Re: [DISCUSS] KIP-144: Exponential backoff for broker reconnect attempts

Posted by Dana Powers <da...@gmail.com>.

For some discussion of jitter and exponential back-office, I found this
article useful:

https://www.awsarchitectureblog.com/2015/03/backoff.html

My initial POC used the "Full Jitter" approach described therein. Equal
Jitter is good too, and may perform a little better. It is random
distribution between 50% and 100% of calculated backoff.

Dana

On May 4, 2017 8:50 PM, "Ismael Juma" <is...@juma.me.uk> wrote:

> Thanks for the feedback Gwen and Colin. I agree that the original formula
> was not intuitive. I updated it to include a max jitter as was suggested. I
> also updated the config name to include `ms`:
>
> https://cwiki.apache.org/confluence/pages/diffpagesbyversion.action?
> pageId=69408222&selectedPageVersions=3&selectedPageVersions=1
>
> If there are no other concerns, I will start the vote tomorrow.
>
> Ismael
>
> On Mon, May 1, 2017 at 6:18 PM, Colin McCabe <cm...@apache.org> wrote:
>
> > Thanks for the KIP, Ismael & Dana!  This could be pretty important for
> > avoiding congestion collapse when there are a lot of clients.
> >
> > It seems like a good idea to keep the "ms" suffix, like we have with
> > "reconnect.backoff.ms".  So maybe we should use
> > "reconnect.backoff.max.ms"?  In general unitless timeouts can be the
> > source of a lot of confusion (is it seconds, milliseconds, etc.?)
> >
> > It's good that the KIP inject random delays (jitter) into the timeout.
> > As per Gwen's point, does it make sense to put an upper bound on the
> > jitter, though?  If someone sets reconnect.backoff.max to 5 minutes,
> > they probably would be a little surprised to find it doing three retries
> > after 100 ms in a row (as it could under the current scheme.)  Maybe a
> > maximum jitter configuration would help address that, and make the
> > behavior a little more intuitive.
> >
> > best,
> > Colin
> >
> >
> > On Thu, Apr 27, 2017, at 09:39, Gwen Shapira wrote:
> > > This is a great suggestion. I like how we just do it by default instead
> > > of
> > > making it a choice users need to figure out.
> > > Avoiding connection storms is great.
> > >
> > > One concern.
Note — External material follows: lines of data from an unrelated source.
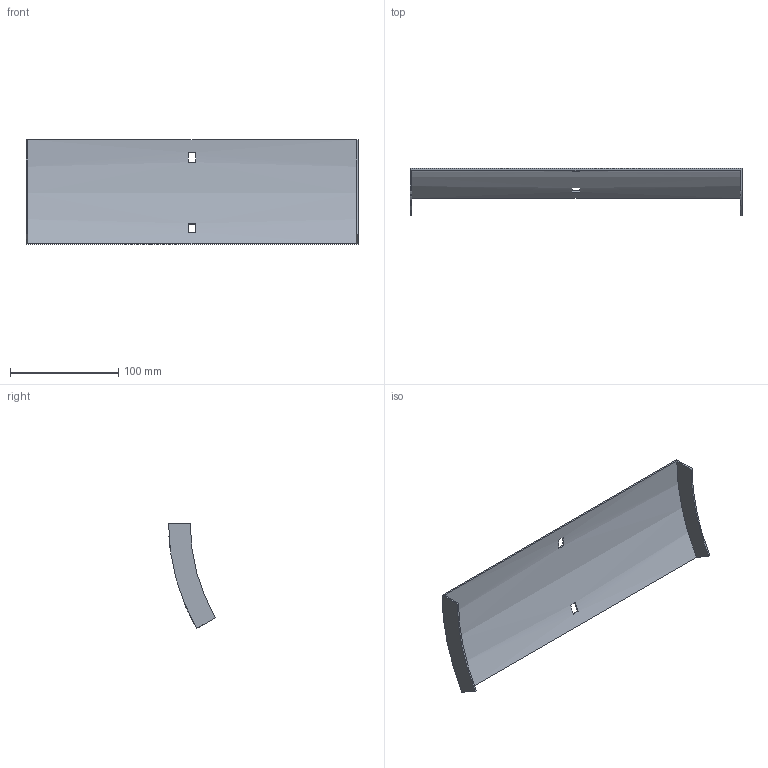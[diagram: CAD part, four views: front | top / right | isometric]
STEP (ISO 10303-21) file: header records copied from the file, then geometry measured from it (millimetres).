
FILE_DESCRIPTION (( 'STEP AP214' ), '1' );
FILE_NAME ('35N1I300.step', '2025-02-21T09:13:34', ( '' ), ( '' ), 'SwSTEP 2.0', 'SolidWorks 2023', '' );
FILE_SCHEMA (( 'AUTOMOTIVE_DESIGN' ));
Length unit declared in the file: millimetre
Products named in the file (1): 35N1I300
Bounding box: 307 x 43.31 x 97 mm (x, y, z)
Volume: 51744.9 mm3; surface area: 70393.1 mm2
Topology: 1 solids, 1 shells, 18 faces, 48 edges, 32 vertices
Faces by surface type: plane 14, cylinder 4
Entity records: 599 total; most frequent: DIRECTION 102, CARTESIAN_POINT 99, ORIENTED_EDGE 96, EDGE_CURVE 48, AXIS2_PLACEMENT_3D 35, VERTEX_POINT 32, VECTOR 32, LINE 32
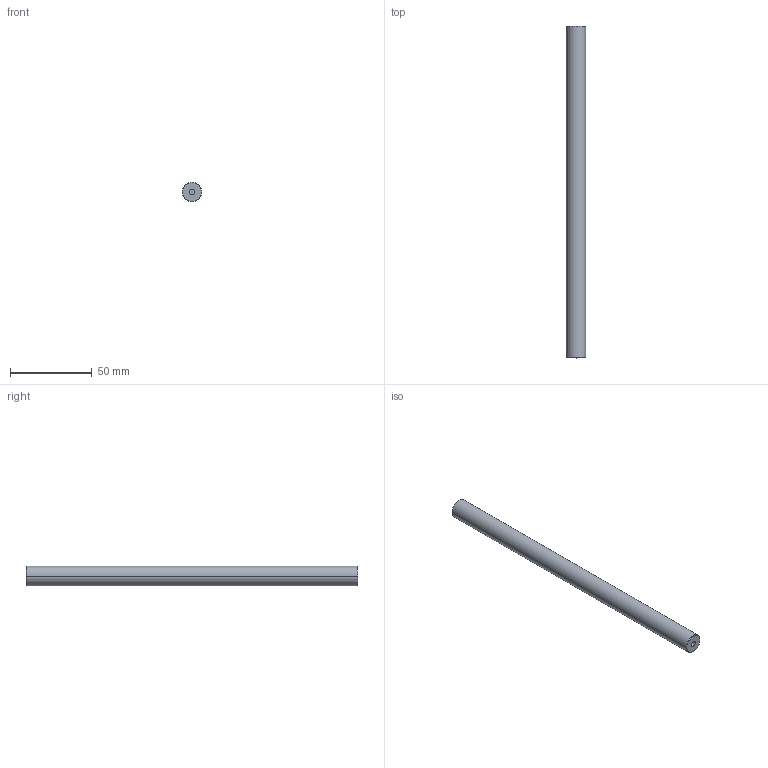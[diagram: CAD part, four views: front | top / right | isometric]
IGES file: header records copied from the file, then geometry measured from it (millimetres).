
Start section:  PTC IGES file: pole_203_2.igs
Global section: file name: pole_203_2.igs; native system: Creo Elements/Pro by Parametric Technology Corporation; preprocessor: 2010480; author: asus; organization: Unknown; date: 20121101.190901; units: millimetre
Bounding box: 12 x 203.2 x 12 mm (x, y, z)
Volume: 22807 mm3; surface area: 8080.5 mm2
Topology: 1 solids, 1 shells, 14 faces, 26 edges, 16 vertices
Faces by surface type: revolution 10, bspline 4
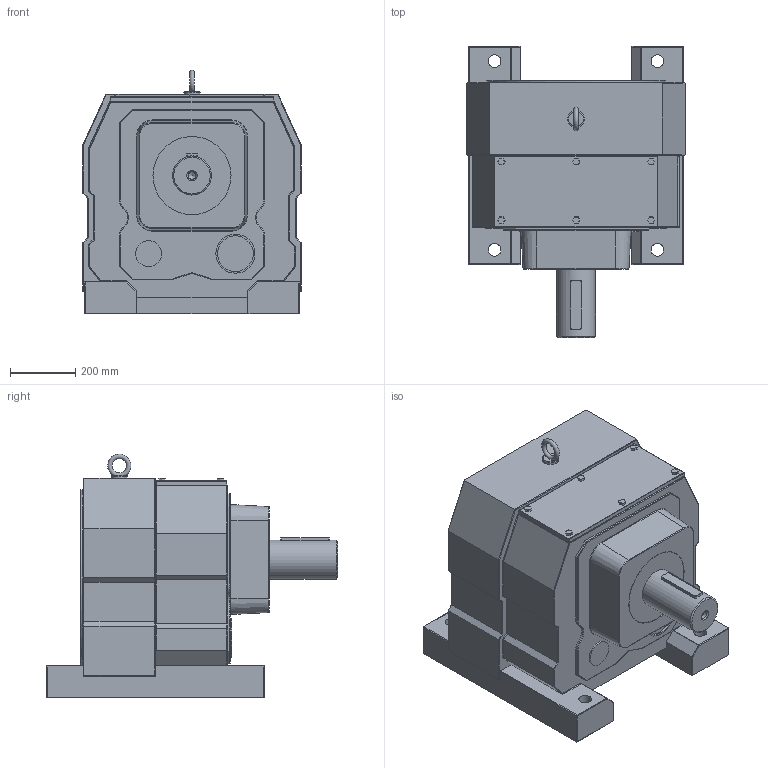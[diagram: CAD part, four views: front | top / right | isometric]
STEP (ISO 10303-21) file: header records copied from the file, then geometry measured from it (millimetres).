
FILE_DESCRIPTION((''),'2;1');
FILE_NAME('D:\PAWEŁ\ZLECENIA\2011 DualSystem\Przekładnie DR\DR160\STEP\DR160.stp','2012-06-11T12:59:34',('admin'),(''),'Autodesk Inventor 2009','Autodesk Inventor 2009','');
FILE_SCHEMA(('AUTOMOTIVE_DESIGN { 1 0 10303 214 1 1 1 1 }'));
Length unit declared in the file: millimetre
Products named in the file (1): DR160
Bounding box: 670 x 895 x 748.97 mm (x, y, z)
Volume: 208650591.4 mm3; surface area: 2826276.8 mm2
Topology: 2 solids, 2 shells, 469 faces, 1100 edges, 604 vertices
Faces by surface type: cylinder 226, plane 142, sphere 56, bspline 20, torus 19, cone 6
Full cylindrical faces by diameter (mm): 39 x4, 45 x4, 50 x1, 80 x1, 110 x1, 120 x2, 240 x1, 410 x1, 550 x1
Entity records: 14314 total; most frequent: CARTESIAN_POINT 3626, DIRECTION 2343, ORIENTED_EDGE 2036, EDGE_CURVE 1018, AXIS2_PLACEMENT_3D 890, VERTEX_POINT 600, VECTOR 563, LINE 563
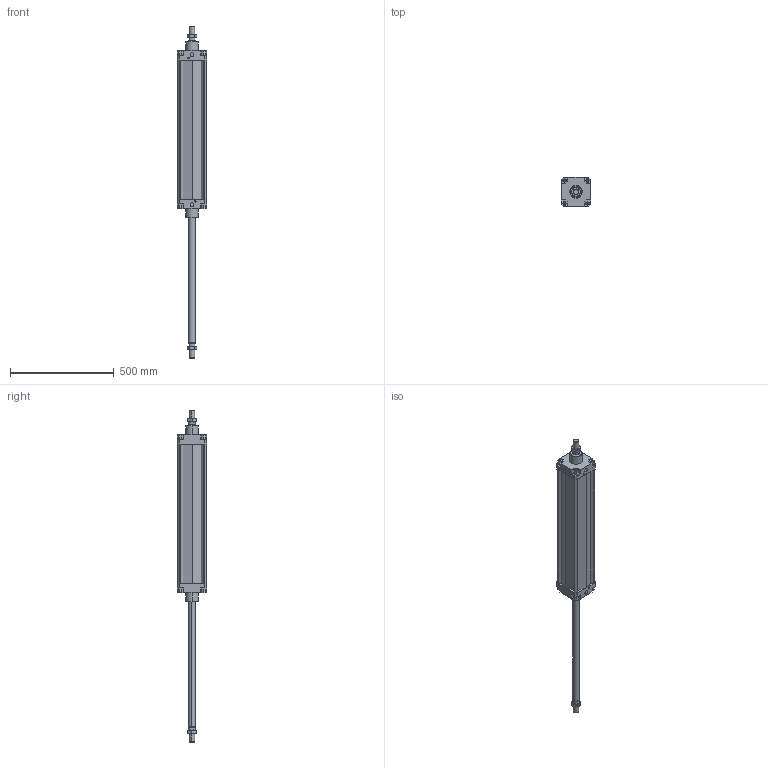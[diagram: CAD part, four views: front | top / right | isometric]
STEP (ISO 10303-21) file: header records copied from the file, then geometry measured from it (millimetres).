
FILE_DESCRIPTION((''),'2;1');
FILE_NAME('I:\DOC-EDP\Lib-3d\1319\CILINDRI\Ø125\1319_125_0600_02.stp','2003-04-08T12:27:01',('maffial1'),(''),'Autodesk Inventor (R) 6.0','Autodesk Inventor (R) 6.0','');
FILE_SCHEMA(('AUTOMOTIVE_DESIGN { 1 0 10303 214 1 1 1 1 }'));
Length unit declared in the file: millimetre
Products named in the file (4): 1319_125_0600_02; CIM04_125_600; CIM03_125_600; 1320_125_18F
Assembly tree (4 placements, depth 2):
  1319_125_0600_02
    CIM04_125_600
    CIM03_125_600
    1320_125_18F  x2
Bounding box: 140 x 140 x 1598 mm (x, y, z)
Volume: 13114083.4 mm3; surface area: 762799.4 mm2
Topology: 4 solids, 4 shells, 290 faces, 724 edges, 452 vertices
Faces by surface type: plane 130, bspline 72, cone 60, cylinder 28
Entity records: 8094 total; most frequent: CARTESIAN_POINT 1972, ORIENTED_EDGE 1288, DIRECTION 1160, EDGE_CURVE 644, VECTOR 480, LINE 480, VERTEX_POINT 416, AXIS2_PLACEMENT_3D 340
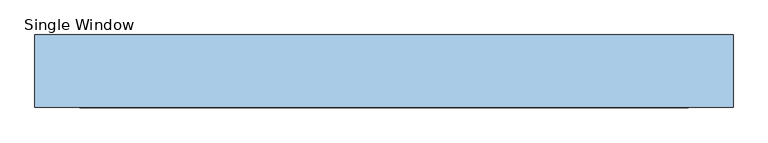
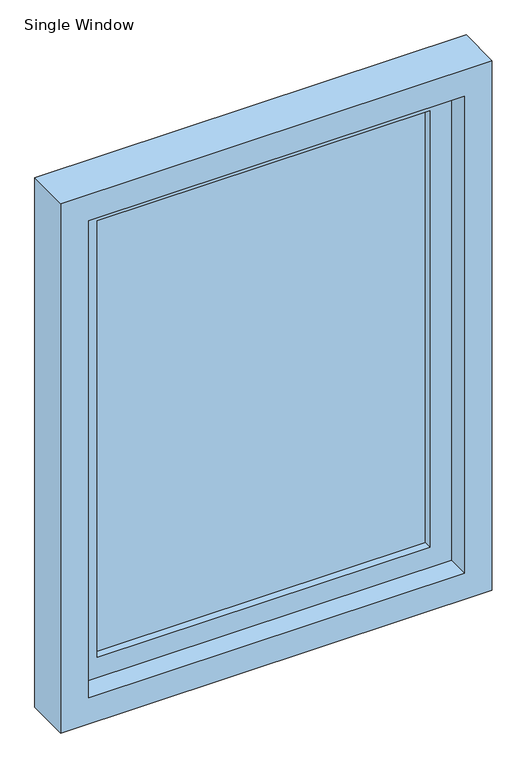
"""IFC4 building model written with IfcOpenShell, lengths in millimetres: window geometry, Single Window : 10x13 Inåtgående."""

from ifc_helpers import new_model, si_unit, frame, origin, place, context, project, spatial, polyline, outline, extrude, source, transform, mapped, element, save


def single_window_2865382c(model_context):
    return source(origin(), model_context, "Body", "SweptSolid", [
        extrude(outline(polyline([(865.0, 510.0), (2045.0, 510.0), (2045.0, -370.0), (865.0, -370.0), (865.0, 510.0)]), holes=[polyline([(1995.0, 460.0), (915.0, 460.0), (915.0, -320.0), (1995.0, -320.0), (1995.0, 460.0)])]), frame((0.0, -27.5, 0.0), z_axis=(0.0, 1.0, 0.0), x_axis=(0.0, 0.0, 1.0)), (0.0, 0.0, 1.0), 52.5),
        extrude(outline(polyline([(460.0, 6.75), (460.0, -9.25), (-320.0, -9.25), (-320.0, 6.75), (460.0, 6.75)])), frame((0.0, 0.0, 915.0), z_axis=(0.0, 0.0, 1.0), x_axis=(1.0, 0.0, 0.0)), (0.0, 0.0, 1.0), 1080.0),
        extrude(outline(polyline([(800.0, 575.0), (2110.0, 575.0), (2110.0, -435.0), (800.0, -435.0), (800.0, 575.0)]), holes=[polyline([(865.0, -370.0), (2045.0, -370.0), (2045.0, 510.0), (865.0, 510.0), (865.0, -370.0)])]), frame((0.0, -80.0, 0.0), z_axis=(0.0, 1.0, 0.0), x_axis=(0.0, 0.0, 1.0)), (0.0, 0.0, 1.0), 105.0),
    ])


if __name__ == "__main__":
    model = new_model("IFC4")
    model_context = context("Model", 3, world=origin())
    ifc_project = project(units=[si_unit("LENGTHUNIT", "METRE", prefix="MILLI")], contexts=[model_context])
    site = spatial("IfcSite", under=ifc_project)
    building = spatial("IfcBuilding", under=site)
    placement = place(None, origin())
    single_window_shape = single_window_2865382c(model_context)
    element("IfcWindow", 1, ObjectType="Single Window : 10x13 Inåtgående", at=placement, inside=building, context=model_context, shape_type="MappedRepresentation", body=[
        mapped(single_window_shape, transform((0.0, 0.0, 0.0), x_axis=(1.0, 0.0, 0.0), y_axis=(0.0, 1.0, 0.0), z_axis=(0.0, 0.0, 1.0))),
    ])
    save(model, "model.ifc")

If I understand the formula for effective maximum backoff
> > > correctly, then with default maximum of 1000ms and default backoff of
> > > 100ms, the effective maximum backoff will be 450ms rather than 1000ms.
> > > This
> > > isn't exactly intuitive.
> > > I'm wondering if it makes more sense to allow "one last doubling" which
> > > may
> > > bring us slightly over the maximum, but much closer to it. I.e. have
> the
> > > effective maximum be in [max.backoff - backoff, max.backoff + backoff]
> > > range rather than half that. Does that make sense?
> > >
> > > Gwen
> > >
> > > On Thu, Apr 27, 2017 at 9:06 AM, Ismael Juma <is...@juma.me.uk>
> wrote:
> > >
> > > > Hi all,
> > > >
> > > > Dana Powers posted a PR a while back for exponential backoff for
> broker
> > > > reconnect attempts. Because it adds a config, a KIP is required and
> > Dana
> > > > seems to be busy so I posted it:
> > > >
> > > > https://cwiki.apache.org/confluence/display/KAFKA/KIP-
> > > > 144%3A+Exponential+backoff+for+broker+reconnect+attempts
> > > >
> > > > Please take a look. Your feedback is appreciated.
> > > >
> > > > Thanks,
> > > > Ismael
> > > >
> > >
> > >
> > >
> > > --
> > > *Gwen Shapira*
> > > Product Manager | Confluent
> > > 650.450.2760 | @gwenshap
> > > Follow us: Twitter <https://twitter.com/ConfluentInc> | blog
> > > <http://www.confluent.io/blog>
> >
>

Re: [DISCUSS] KIP-144: Exponential backoff for broker reconnect attempts

Posted by Ismael Juma <is...@juma.me.uk>.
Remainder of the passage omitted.